An even more extensive investigation, however, was carried on in New Mexico in the mid-to-late 1970s by the FBI. Between 1975 and 1980, more than 100 mysterious cattle deaths were reported in New Mexico with many more going unreported. It is thought that the total number may have been nearly 1,000. In most cases, the cattle were found, completely drained of blood, and with deliberate and precise cuts on their carcasses. In many cases, they were also swollen
up with various organs (including sexual organs) removed. Once again, the old theories about the skinwalkers resurfaced, although this time they were accompanied by theories about UFOs and about clandestine criminal or even government activities. As with the Melon Heads in Ohio, it was thought that the military was conducting secret experiments somewhere in the wilderness that had somehow gone awry. However, the idea of skinwalkers was certainly very prevalent. Indeed, so frequent were these stories that the FBI were compelled to investigate as a response to the urging of local Senator Harrison Schmitt.
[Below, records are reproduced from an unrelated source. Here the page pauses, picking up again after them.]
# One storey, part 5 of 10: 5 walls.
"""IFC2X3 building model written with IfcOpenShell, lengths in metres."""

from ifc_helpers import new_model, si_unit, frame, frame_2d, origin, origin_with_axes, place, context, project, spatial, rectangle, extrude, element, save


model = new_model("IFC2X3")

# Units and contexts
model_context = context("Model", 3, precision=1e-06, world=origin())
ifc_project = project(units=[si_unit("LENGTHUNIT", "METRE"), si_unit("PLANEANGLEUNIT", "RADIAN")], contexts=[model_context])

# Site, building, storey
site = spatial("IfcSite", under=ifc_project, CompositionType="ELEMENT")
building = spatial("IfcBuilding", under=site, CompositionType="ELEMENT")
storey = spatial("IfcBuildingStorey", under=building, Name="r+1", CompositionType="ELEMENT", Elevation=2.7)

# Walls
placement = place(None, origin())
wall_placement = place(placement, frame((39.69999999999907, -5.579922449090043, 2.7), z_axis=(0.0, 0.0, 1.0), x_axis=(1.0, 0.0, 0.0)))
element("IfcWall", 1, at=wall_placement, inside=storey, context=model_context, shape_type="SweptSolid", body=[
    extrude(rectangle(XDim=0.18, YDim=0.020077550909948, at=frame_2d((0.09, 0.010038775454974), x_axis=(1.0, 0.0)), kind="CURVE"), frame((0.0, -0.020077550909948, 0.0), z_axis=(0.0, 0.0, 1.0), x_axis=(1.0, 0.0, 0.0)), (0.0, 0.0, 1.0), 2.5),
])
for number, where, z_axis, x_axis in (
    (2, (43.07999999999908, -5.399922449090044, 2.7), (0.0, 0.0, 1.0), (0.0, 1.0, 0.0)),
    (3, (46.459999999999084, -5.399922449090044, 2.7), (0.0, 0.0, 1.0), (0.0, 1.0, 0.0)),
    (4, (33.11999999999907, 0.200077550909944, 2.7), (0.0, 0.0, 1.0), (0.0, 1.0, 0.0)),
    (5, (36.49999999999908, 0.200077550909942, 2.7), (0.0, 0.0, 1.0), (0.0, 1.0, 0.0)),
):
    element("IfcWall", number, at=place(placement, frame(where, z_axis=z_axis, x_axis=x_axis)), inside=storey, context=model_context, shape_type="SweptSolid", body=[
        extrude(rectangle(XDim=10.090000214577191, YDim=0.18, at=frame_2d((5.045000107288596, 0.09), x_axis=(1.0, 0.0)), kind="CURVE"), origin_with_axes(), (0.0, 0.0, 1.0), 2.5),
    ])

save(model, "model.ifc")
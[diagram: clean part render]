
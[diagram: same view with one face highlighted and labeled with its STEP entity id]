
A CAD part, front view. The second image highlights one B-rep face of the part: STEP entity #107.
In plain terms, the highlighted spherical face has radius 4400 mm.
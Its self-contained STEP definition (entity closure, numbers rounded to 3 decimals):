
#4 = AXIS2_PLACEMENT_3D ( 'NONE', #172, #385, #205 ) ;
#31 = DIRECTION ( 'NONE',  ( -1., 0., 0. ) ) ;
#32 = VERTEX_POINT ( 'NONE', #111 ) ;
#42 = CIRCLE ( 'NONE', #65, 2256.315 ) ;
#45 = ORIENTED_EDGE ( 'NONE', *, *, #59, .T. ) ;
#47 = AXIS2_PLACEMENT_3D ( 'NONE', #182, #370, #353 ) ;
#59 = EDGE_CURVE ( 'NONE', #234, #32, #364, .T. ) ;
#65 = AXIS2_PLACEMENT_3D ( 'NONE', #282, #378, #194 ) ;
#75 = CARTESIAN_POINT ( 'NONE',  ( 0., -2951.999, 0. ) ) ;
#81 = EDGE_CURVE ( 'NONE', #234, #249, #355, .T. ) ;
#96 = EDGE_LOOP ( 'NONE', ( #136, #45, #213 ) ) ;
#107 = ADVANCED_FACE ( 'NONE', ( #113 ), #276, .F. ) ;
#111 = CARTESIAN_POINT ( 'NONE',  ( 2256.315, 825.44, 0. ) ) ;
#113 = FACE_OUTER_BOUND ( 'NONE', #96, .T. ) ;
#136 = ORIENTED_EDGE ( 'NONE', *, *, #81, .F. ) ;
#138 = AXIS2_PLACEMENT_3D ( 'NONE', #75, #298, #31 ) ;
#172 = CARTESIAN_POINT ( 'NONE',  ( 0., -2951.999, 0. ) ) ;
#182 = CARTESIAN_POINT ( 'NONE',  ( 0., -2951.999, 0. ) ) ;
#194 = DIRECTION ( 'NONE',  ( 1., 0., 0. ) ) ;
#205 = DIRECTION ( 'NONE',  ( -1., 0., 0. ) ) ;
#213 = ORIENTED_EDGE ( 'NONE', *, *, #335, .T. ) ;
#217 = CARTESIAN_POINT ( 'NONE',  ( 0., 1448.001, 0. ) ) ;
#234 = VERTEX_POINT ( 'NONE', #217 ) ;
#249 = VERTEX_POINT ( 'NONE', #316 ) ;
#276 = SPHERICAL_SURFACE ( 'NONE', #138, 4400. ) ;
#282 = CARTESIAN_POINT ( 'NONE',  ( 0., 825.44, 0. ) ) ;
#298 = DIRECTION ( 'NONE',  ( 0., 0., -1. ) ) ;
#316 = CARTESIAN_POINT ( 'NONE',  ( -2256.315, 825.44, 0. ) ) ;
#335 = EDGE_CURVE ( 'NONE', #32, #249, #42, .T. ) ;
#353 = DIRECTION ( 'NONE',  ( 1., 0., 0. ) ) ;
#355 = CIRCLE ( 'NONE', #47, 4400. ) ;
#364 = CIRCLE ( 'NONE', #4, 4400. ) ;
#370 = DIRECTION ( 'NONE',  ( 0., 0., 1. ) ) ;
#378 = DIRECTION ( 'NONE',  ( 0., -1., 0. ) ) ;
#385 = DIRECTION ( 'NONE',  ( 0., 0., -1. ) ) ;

The Senator wrote to the then-U.S. Attorney General Griffin Bell, demanding an investigation into what he believed was “organized interstate criminal activity.” Bell responded the following month, stating that what Schmitt had described was “…one of the strangest phenomena in (his) memory.” The FBI were therefore sent to Phoenix to investigate the mutilations and immediately heard the stories of skinwalkers and vampires in the region.
Initially, the Bureau was very reluctant to investigate the incident, and this reluctance remained throughout. Several times they tried to pull out of the investigation, but were directed to continue by the U.S. Department of Justice. They commenced in March 1979, but with the agreement that the scope of the investigated should be restricted to New Mexico’s Native American lands, which lay in federal jurisdiction. The Bureau collected a file filled with memos and newspaper clippings from the area. FBI laboratories analyzed flakes of an unknown substance taken from the roof of a pick-up truck, the driver of which had encountered balls of light on a road near Taos. The determination of the tests was inconclusive, but agents determined that they were probably a type of house paint. At least that is the result of a report signed by now-retired agent Kenneth Rommel, one of the lead agents in the investigation. Local people begged to differ—they insisted it was the blood of a skinwalker and proof of supernatural activity. Others claimed it had come from a UFO.